#### Exercise:
Only a number is expected in reply: the number of lines below that include the word "ROAD".

Start of Extracted material

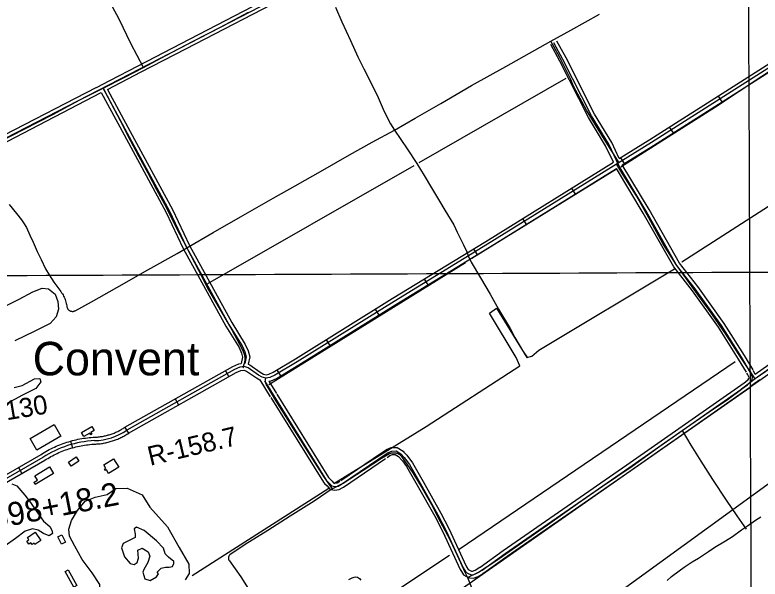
# Model space of a CAD drawing. Extents: x 3419139 to 3457078, y 540382 to 565875.
# Drawn here: x 3441162 to 3444391, y 550592 to 553037 of the extents above; entities that cross this region are included whole.
import ezdxf

# ---------------------------------------------------------------- set-up
doc = ezdxf.new("R2010")
doc.units = 0
for name, color, linetype in [('V-BLDG-OTLN', 7, 'Continuous'), ('V-DTCH-CNTR', 7, 'Continuous'), ('V-GRID-MAJR', 7, 'Continuous'), ('V-RIVR-RANG-IDEN', 7, 'Continuous'), ('V-ROAD-CNTR', 7, 'Continuous'), ('V-SITE-VEGE', 7, 'Continuous'), ('V-SURV-IDEN', 7, 'Continuous'), ('V-TOPO-GNAM-IDEN', 7, 'Continuous'), ('V-TOPO-SHOR', 7, 'Continuous')]:
    doc.layers.add(name, color=color, linetype=linetype)

msp = doc.modelspace()

# ---------------------------------------------------------------- linework, layer by layer
at = {"layer": 'V-BLDG-OTLN'}
for points in [[(3441227.6, 551200.6), (3441332, 551261.8), (3441361.2, 551211.9), (3441256.8, 551150.8)], [(3441450.4, 551226.7), (3441495, 551253.1), (3441505.3, 551235.7), (3441491.3, 551227.4), (3441495.3, 551220.6), (3441490.3, 551217.6), (3441485.9, 551225), (3441460.4, 551209.9)], [(3441393.4, 551098.6), (3441426.8, 551121.5), (3441439, 551103.7), (3441405.5, 551080.9)], [(3441546.7, 551086.4), (3441589.6, 551112.8), (3441612.1, 551076.4), (3441568, 551049.2), (3441558.4, 551064.8), (3441554.6, 551062.4), (3441550.7, 551068.6), (3441555.8, 551071.7)], [(3441248.2, 551039.8), (3441312.4, 551077.9), (3441329.3, 551049.4), (3441250.3, 551002.6), (3441244.9, 551011.7), (3441259.6, 551020.5)], [(3441215.9, 550772), (3441249, 550794.7), (3441273.6, 550758.9), (3441248.5, 550741.7), (3441244.8, 550747.1), (3441236.3, 550741.3), (3441230.6, 550749.6), (3441222.3, 550743.8), (3441214, 550756), (3441222.8, 550762)], [(3441365.3, 550783.1), (3441380.5, 550751.7), (3441363.6, 550743.5), (3441348.4, 550775)], [(3441393.1, 550631.6), (3441430.2, 550564.1), (3441417.2, 550556.9), (3441380.2, 550624.4)]]:
    msp.add_lwpolyline(points, close=True, dxfattribs=at)
at = {"layer": 'V-DTCH-CNTR'}
msp.add_line((3444370, 551459.4), (3444311.2, 551415), dxfattribs=at)
for points in [[(3441718.4, 552809.6), (3441664, 552912.9), (3441613, 553018.9), (3441556.2, 553127.4), (3441520.5, 553196), (3441525.6, 553201.3), (3441530.6, 553206.7), (3441535.4, 553212.3), (3441540.1, 553217.9), (3441544.6, 553223.7), (3441548.9, 553229.7), (3441553.1, 553235.7), (3441557.1, 553241.8), (3441561, 553248.1), (3441564.6, 553254.5), (3441568.1, 553260.9), (3441571.4, 553267.5), (3441574.5, 553274.1), (3441577.5, 553280.9)], [(3442551.4, 553070.8), (3442579.2, 553007.1), (3442615.7, 552925.7), (3442647.4, 552855.6), (3442674, 552803.6), (3442703.2, 552747.5), (3442735.5, 552678.8), (3442761.5, 552617.8), (3442789.6, 552565), (3442806.8, 552537.6), (3442861.5, 552456.5), (3442903.8, 552393), (3442935.2, 552340.5), (3442967.2, 552287.7), (3443001.7, 552229.6), (3443025.6, 552191.1), (3443063.3, 552127.6), (3443079, 552095.1), (3443105.9, 552040.5), (3443120.4, 552009.5), (3443127.5, 551989.6), (3443139.2, 551965.6), (3443180, 551897.2), (3443221.7, 551826.5), (3443257.7, 551762.4), (3443307.5, 551677.4), (3443327.7, 551639.4), (3443361, 551582.6), (3443382.7, 551551.3)], [(3441101.3, 552489.6), (3441201.9, 552541.3), (3441325.8, 552605.9), (3441442.5, 552668.5), (3441543.7, 552719.2), (3441635.8, 552766.3), (3441718.4, 552809.6), (3441815.3, 552860.9), (3441934.8, 552923.5), (3442052.3, 552983.6), (3442174.8, 553048.5)], [(3442611.9, 552430.3), (3442710.5, 552484.9), (3442806.8, 552537.6), (3442896.5, 552588.9), (3443006.9, 552653.4), (3443140.3, 552730.9), (3443288.8, 552813.2), (3443414.6, 552883.5), (3443485, 552922.4), (3443570.4, 552970.4), (3443694.7, 553040.1)], [(3443781.1, 552395.7), (3443716.2, 552497.3), (3443638.4, 552623.8), (3443583.2, 552728.4), (3443570.5, 552756.6), (3443559.1, 552780), (3443522.3, 552855.5), (3443485, 552922.4)], [(3441543.7, 552719.2), (3441578.7, 552652.8), (3441617.6, 552579.7), (3441661.6, 552493.6), (3441698.7, 552423.2), (3441737.3, 552351.9), (3441775.3, 552280.7), (3441819, 552200.6), (3441861.2, 552116.3), (3441907.1, 552026.8), (3441956.8, 551930.7), (3441995.7, 551855.2), (3442051.8, 551758.4), (3442101.6, 551672.6), (3442135.4, 551610.1), (3442149.3, 551581.9), (3442151.1, 551578.2), (3442152.7, 551574.4), (3442154.2, 551570.6), (3442155.4, 551566.6), (3442156.4, 551562.6), (3442157.1, 551558.6), (3442157.7, 551554.5), (3442158, 551550.3), (3442158.1, 551546.2), (3442158, 551542.1), (3442157.6, 551538), (3442157, 551533.9), (3442156.2, 551529.9), (3442155.2, 551525.9), (3442154, 551521.9), (3442150, 551506.5)], [(3441136.4, 552215.4), (3441168.1, 552176.9), (3441190.2, 552149), (3441198.6, 552136.5), (3441211.9, 552116.2), (3441226.7, 552082.3), (3441240.5, 552051.4), (3441258, 552012.3), (3441275.2, 551976.8), (3441295, 551936.2), (3441309.8, 551910.7), (3441330.9, 551878), (3441361.1, 551837.6), (3441364.4, 551833), (3441367.4, 551828.3), (3441370.3, 551823.4), (3441372.9, 551818.5), (3441375.4, 551813.4), (3441377.6, 551808.3), (3441379.7, 551803), (3441381.5, 551797.7), (3441383.2, 551792.3), (3441384.6, 551786.9), (3441385.7, 551781.3), (3441386.7, 551775.8), (3441386.9, 551773.6), (3441387.2, 551771.3), (3441387.8, 551769.1), (3441388.5, 551767), (3441389.5, 551765), (3441390.6, 551763), (3441391.9, 551761.2), (3441393.4, 551759.5), (3441395, 551757.9), (3441396.8, 551756.5), (3441398.7, 551755.3), (3441400.7, 551754.3), (3441402.7, 551753.4), (3441404.9, 551752.7), (3441407.1, 551752.3), (3441409.3, 551752), (3441411.6, 551752), (3441413.8, 551752.1), (3441416.1, 551752.5), (3441418.2, 551753.1), (3441420.4, 551753.9), (3441422.4, 551754.8), (3441493.9, 551794), (3441603.4, 551856.1), (3441738.3, 551931.8), (3441865.3, 552003.6), (3441907.1, 552026.8), (3442020.8, 552094.4), (3442139, 552162.2), (3442280.3, 552243), (3442376.1, 552296.1), (3442495.8, 552364.6), (3442611.9, 552430.3)], [(3444310.4, 551548.5), (3444244.9, 551648.3), (3444178.8, 551745.7), (3444113, 551836.2), (3444026.9, 551954.8), (3443970.2, 552046.4), (3443908.6, 552157.4), (3443855, 552252.9), (3443788, 552360.3), (3443770.4, 552388.5)], [(3445088.4, 551970.4), (3444921.6, 551847), (3444726.4, 551708.8), (3444536.4, 551573.4), (3444370, 551459.4), (3444310.4, 551548.5)], [(3442247.9, 551463), (3442247.3, 551459.9), (3442246.9, 551456.8), (3442246.7, 551453.7), (3442246.7, 551450.6), (3442247, 551447.4), (3442247.5, 551444.3), (3442248.2, 551441.3), (3442249.1, 551438.2), (3442250.1, 551435.3), (3442251.4, 551432.4), (3442252.9, 551429.7), (3442290.7, 551366.6), (3442336.5, 551294.4), (3442382.7, 551221.3), (3442441.2, 551126.9), (3442501.9, 551032), (3442537.2, 550982.5)], [(3443123.1, 550598.3), (3443171, 550622.1), (3443245.9, 550671.3), (3443361.2, 550751.6), (3443469.8, 550826.5), (3443600, 550918.9), (3443708.6, 550994.6), (3443836.9, 551081.9), (3443962.5, 551171.9), (3444053.3, 551235.3), (3444171, 551317.4), (3444248, 551369.3), (3444311.2, 551415)], [(3444053.3, 551235.3), (3444091.3, 551172.2), (3444134.4, 551102.7), (3444185.1, 551022.9), (3444243.4, 550934.6), (3444290.2, 550865.5), (3444331.2, 550807.8)], [(3442537.2, 550982.5), (3442584.5, 551007.6), (3442671.3, 551064), (3442750.2, 551115.6), (3442785.4, 551135.8), (3442788.2, 551137), (3442791, 551137.9), (3442794, 551138.7), (3442796.9, 551139.3), (3442799.9, 551139.6), (3442803, 551139.8), (3442806, 551139.7), (3442809, 551139.4), (3442812, 551138.9), (3442815, 551138.2), (3442817.8, 551137.3), (3442820.7, 551136.2), (3442823.4, 551134.9), (3442826.1, 551133.5), (3442828.6, 551131.8), (3442831, 551130), (3442833.3, 551128), (3442835.4, 551125.9), (3442837.4, 551123.6), (3442886, 551052), (3442926.2, 550985.3), (3442967.2, 550914.9), (3443005.2, 550842.1), (3443048, 550760.2), (3443078.2, 550695.9), (3443113.1, 550619.8), (3443123.1, 550598.3), (3443149.3, 550533.4)], [(3442537.2, 550982.5), (3442459.3, 550930), (3442354.6, 550864.2), (3442257.2, 550802.1), (3442159.6, 550742), (3442093.1, 550696.4), (3442091.8, 550695.1), (3442090.6, 550693.6), (3442089.5, 550692), (3442088.7, 550690.4), (3442088, 550688.6), (3442087.5, 550686.8), (3442087.2, 550684.9), (3442087.1, 550683), (3442087.2, 550681.1), (3442087.5, 550679.3), (3442088, 550677.4), (3442088.7, 550675.7), (3442089.6, 550674), (3442090.6, 550672.4), (3442091.8, 550671), (3442141.4, 550601.8), (3442209, 550493.2)]]:
    msp.add_lwpolyline(points, dxfattribs=at)
at = {"layer": 'V-GRID-MAJR'}
for points in [[(3444374.2, 545864.2), (3444346.9, 551922.1), (3444319.6, 557983), (3444292.3, 564044), (3444292.3, 564047.1)], [(3423248.5, 551833.1), (3428523.1, 551854.2), (3433797.7, 551876), (3439072.3, 551898.7), (3444346.9, 551922.1), (3449621.5, 551946.2), (3454896.1, 551971.2)]]:
    msp.add_spline(points, degree=3, dxfattribs=at)
at = {"layer": 'V-ROAD-CNTR'}
for p, q in [((3444208.8, 552684.8), (3444224.9, 552659.5)), ((3443997.8, 552550.8), (3444013.9, 552525.5)), ((3443786.1, 552418.1), (3443801.9, 552392.6)), ((3443573.7, 552286.2), (3443589.5, 552260.7)), ((3443361.4, 552154.3), (3443377.2, 552128.8)), ((3443148.9, 552022.8), (3443164.5, 551997.2)), ((3442935.6, 551892.2), (3442951.3, 551866.6)), ((3442722.7, 551761.1), (3442738.5, 551735.6)), ((3442510.4, 551629.1), (3442526.2, 551603.6)), ((3442074.7, 551495.1), (3442089.4, 551468.9)), ((3442297.5, 551498.4), (3442313, 551472.7)), ((3441856.7, 551372.6), (3441871.4, 551346.5)), ((3441637.9, 551249.6), (3441654.4, 551224.5)), ((3441402.6, 551189.7), (3441410.9, 551160.9)), ((3441177, 551075.6), (3441191.9, 551049.6))]:
    msp.add_line(p, q, dxfattribs=at)
for points in [[(3440402.9, 552124.1), (3440507.2, 552176.7), (3440773.2, 552319.9), (3441124.3, 552503.6), (3441702.7, 552803.1), (3442354.1, 553141.8), (3442536.9, 553238.4), (3443478, 553732.7), (3443595, 553790.8), (3443627.4, 553808.3), (3443649.5, 553821.1), (3443677.3, 553837.9), (3443718.1, 553854.3), (3443741, 553863.2), (3443750.8, 553864.7), (3443777.8, 553858.9), (3443799.3, 553857), (3443824.1, 553860.9), (3443863.9, 553877.1), (3444191.1, 554049.6), (3444959.7, 554457.4)], [(3441882.7, 552913.6), (3442347.1, 553155.1), (3442452.5, 553210.8)], [(3441902, 552889.8), (3442361, 553128.5), (3442470.8, 553186.5)], [(3444672.4, 552958.2), (3444627.2, 552932.6), (3443921.1, 552484.3), (3443210.2, 552042.7), (3442804.9, 551794.6), (3442385, 551533.5), (3442287.9, 551475.1), (3442267.2, 551465), (3442249.5, 551462.2), (3442233.8, 551466.4), (3442216.9, 551476.2), (3442172.9, 551506.9), (3442154.8, 551513.3), (3442136.1, 551510.8), (3442113.9, 551499.9), (3441646.5, 551237.3)], [(3443780.9, 552414.9), (3443913.1, 552497), (3444619.5, 552945.5), (3444665.1, 552971.3)], [(3443780.9, 552414.9), (3443748.4, 552484.4), (3443673.2, 552607.1), (3443550.2, 552850.5), (3443510.3, 552922.9)], [(3443793.7, 552387.5), (3443929.1, 552471.6), (3444634.9, 552919.8), (3444646, 552926.1)], [(3444656.9, 552936.8), (3444863.5, 552624.4), (3444906.6, 552562.5), (3444919.8, 552534.7), (3444939.2, 552465), (3444956.1, 552401.2), (3444959.3, 552369.1), (3444959.6, 552320.2), (3444958.3, 552277.1), (3444959.5, 552238.4), (3444967.8, 552209.9), (3444979.4, 552184.2), (3444997.9, 552153), (3445023.4, 552116.1), (3445060.2, 552075.1), (3445096.4, 552027.9), (3445108, 552010.1), (3445108.5, 552002.8), (3445107.6, 551992.6), (3445102, 551981.2), (3445070.9, 551955.5), (3444370.4, 551459.9)], [(3441572.7, 552752.7), (3441695.8, 552816.4), (3441882.7, 552913.6)], [(3442243.2, 551451.5), (3442511, 551021.1), (3442525.3, 551005.9), (3442535.2, 550995.7), (3442547.2, 550992.6), (3442562.6, 550995.1), (3442577.6, 551003.2), (3442779.7, 551140.3), (3442795.3, 551146.8), (3442814.5, 551147.1), (3442834.2, 551134.9), (3442849.1, 551119.1), (3442871.9, 551088.2), (3442918.1, 551007), (3442994.1, 550871.1), (3443029.4, 550803.9), (3443104.4, 550640.3), (3443116.1, 550622.1), (3443125.6, 550616.9), (3443136.2, 550612.3), (3443147.3, 550610.7), (3443163, 550617), (3443186.1, 550631.1), (3443286.9, 550703), (3443821.7, 551074.6), (3444336.7, 551434.3), (3444350.5, 551446.5), (3444356.9, 551456.4), (3444358.7, 551467.6), (3444349.8, 551487.5), (3444310.9, 551553.2), (3444223.7, 551691.5), (3444109.5, 551850.2), (3444029.2, 551953), (3443898, 552185.7), (3443780, 552381.3), (3443735.2, 552477.3), (3443660.1, 552599.8), (3443536.9, 552843.5), (3443497.2, 552915.7)], [(3443755.2, 552398.9), (3443721.9, 552470.2), (3443647, 552592.5), (3443523.6, 552836.5), (3443484, 552908.5)], [(3441562.9, 552713.8), (3441709.6, 552789.8), (3441902, 552889.8)], [(3441515.2, 552722.9), (3441572.7, 552752.7)], [(3441105.3, 552510.6), (3441117.4, 552517), (3441514, 552722.3)], [(3441121.1, 552485), (3441131.2, 552490.3), (3441536.2, 552700)], [(3441536.2, 552700), (3441635.5, 552517.4), (3441818, 552180.3), (3441891.7, 552024.1), (3442076.6, 551688.4), (3442133.5, 551595.1), (3442144.2, 551571.4), (3442148.5, 551554.2), (3442142.5, 551526.8)], [(3441542.4, 552720.1), (3441648.7, 552524.6), (3441831.3, 552187), (3441905.1, 552030.9), (3442089.5, 551695.9), (3442146.8, 551602.1), (3442158.4, 551576.3), (3442163.9, 551554.5), (3442157.6, 551525.8)], [(3441562.9, 552713.8), (3441661.9, 552531.7), (3441844.7, 552193.8), (3441918.5, 552037.7), (3442102.5, 551703.4), (3442160.1, 551609.1), (3442172.6, 551581.3), (3442179.3, 551554.7), (3442172.3, 551523)], [(3442172.3, 551523), (3442179.8, 551520.4), (3442225, 551488.9), (3442239.6, 551480.4), (3442250.3, 551477.5), (3442262.6, 551479.4), (3442280.7, 551488.3), (3442377.2, 551546.3), (3442797, 551807.3), (3443202.4, 552055.5), (3443755.2, 552398.9)], [(3444361, 551498.1), (3444323.7, 551561), (3444236.1, 551699.8), (3444121.5, 551859.3), (3444041.7, 551961.3), (3443911, 552193.2), (3443793.7, 552387.5)], [(3442262.5, 551449), (3442271.8, 551450.5), (3442295, 551461.9), (3442392.8, 551520.7), (3442812.8, 551781.8), (3443218.1, 552030), (3443768.2, 552371.7)], [(3444331.6, 551488.8), (3444298.1, 551545.3), (3444211.2, 551683.1), (3444097.5, 551841.2), (3444016.7, 551944.6), (3443885, 552178.1), (3443768.2, 552371.7)], [(3445072.2, 551976.1), (3445061.8, 551967.4), (3444380.3, 551485.3)], [(3440700.3, 550801.3), (3441275.5, 551132.3), (3441282.1, 551136.6), (3441289.2, 551140.8), (3441296.3, 551145), (3441303.5, 551149.1), (3441310.9, 551153), (3441318.1, 551156.7), (3441325.6, 551160.4), (3441333.1, 551164), (3441340.6, 551167.4), (3441348.2, 551170.6), (3441355.9, 551173.7), (3441363.5, 551176.8), (3441371.4, 551179.7), (3441379.2, 551182.4), (3441387, 551185), (3441394.9, 551187.4), (3441402.8, 551189.8), (3441410.8, 551191.9), (3441418.9, 551194), (3441426.9, 551195.9), (3441435, 551197.7), (3441443.1, 551199.3), (3441451.2, 551200.7), (3441459.4, 551202.1), (3441467.6, 551203.3), (3441475.8, 551204.3), (3441484, 551205.2), (3441492.3, 551206), (3441500.5, 551206.6), (3441505.8, 551206.9), (3441510.4, 551207.1), (3441514.8, 551207.4), (3441519.2, 551207.7), (3441523.6, 551208.1), (3441527.9, 551208.6), (3441532.3, 551209.2), (3441536.6, 551209.8), (3441540.9, 551210.5), (3441545.2, 551211.3), (3441549.6, 551212.2), (3441553.9, 551213.2), (3441558.1, 551214.2), (3441562.4, 551215.3), (3441566.6, 551216.4), (3441570.8, 551217.7), (3441575, 551219), (3441579.2, 551220.4), (3441583.3, 551221.9), (3441587.4, 551223.4), (3441591.5, 551225), (3441595.6, 551226.7), (3441599.6, 551228.4), (3441603.6, 551230.2), (3441607.5, 551232.1), (3441611.5, 551234.1), (3441615.4, 551236.1), (3441619.3, 551238.2), (3441623.1, 551240.3), (3441626.8, 551242.6), (3441630.6, 551244.9), (3441634.3, 551247.2), (3441637.8, 551249.5), (3441638.4, 551250), (3442106.9, 551513.1), (3442131.7, 551525.3), (3442142.5, 551526.8)], [(3440715.3, 550775.3), (3441291, 551106.7), (3441297.9, 551111.1), (3441304.5, 551115), (3441311.2, 551118.9), (3441318, 551122.8), (3441324.8, 551126.4), (3441331.7, 551130), (3441338.7, 551133.4), (3441345.6, 551136.7), (3441352.7, 551139.9), (3441359.8, 551143), (3441367, 551145.9), (3441374.2, 551148.8), (3441381.5, 551151.4), (3441388.8, 551154), (3441396.2, 551156.4), (3441403.6, 551158.7), (3441411, 551160.9), (3441418.5, 551162.9), (3441426, 551164.8), (3441433.5, 551166.6), (3441441.1, 551168.3), (3441448.7, 551169.8), (3441456.3, 551171.2), (3441464, 551172.4), (3441471.6, 551173.5), (3441479.4, 551174.5), (3441487.1, 551175.4), (3441494.7, 551176.1), (3441502.5, 551176.7), (3441507.3, 551177), (3441512, 551177.1), (3441516.9, 551177.4), (3441521.7, 551177.8), (3441526.6, 551178.3), (3441531.6, 551178.8), (3441536.4, 551179.5), (3441541.3, 551180.2), (3441546.1, 551181), (3441551, 551181.9), (3441555.8, 551182.9), (3441560.5, 551183.9), (3441565.3, 551185.1), (3441570.1, 551186.3), (3441574.9, 551187.6), (3441579.5, 551189), (3441584.2, 551190.5), (3441588.9, 551192), (3441593.5, 551193.7), (3441598.2, 551195.4), (3441602.7, 551197.2), (3441607.3, 551199), (3441611.8, 551201), (3441616.2, 551203), (3441620.7, 551205.1), (3441625.1, 551207.3), (3441629.4, 551209.6), (3441633.7, 551211.9), (3441638.1, 551214.3), (3441642.3, 551216.9), (3441646.5, 551219.4), (3441650.6, 551222), (3441654.9, 551224.8), (3441654.6, 551224.7), (3442120.9, 551486.6), (3442140.5, 551496.2), (3442153.2, 551497.9), (3442166, 551493.4), (3442208.9, 551463.6), (3442223.3, 551455.2)], [(3444322.2, 551442.5), (3444327.4, 551446.1), (3444339, 551456.4), (3444342.6, 551461.9), (3444343.2, 551465.6), (3444336.5, 551480.6), (3444333.9, 551484.9)], [(3444370.4, 551478.3), (3444363.2, 551494.4), (3444362.3, 551495.8)], [(3444380.3, 551485.3), (3444370.4, 551478.3)], [(3442223.3, 551455.2), (3442268.5, 551382.5)], [(3442262.5, 551449), (3442295.7, 551395.6)], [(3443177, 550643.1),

End of Extracted material

#### Solution to the exercise:
2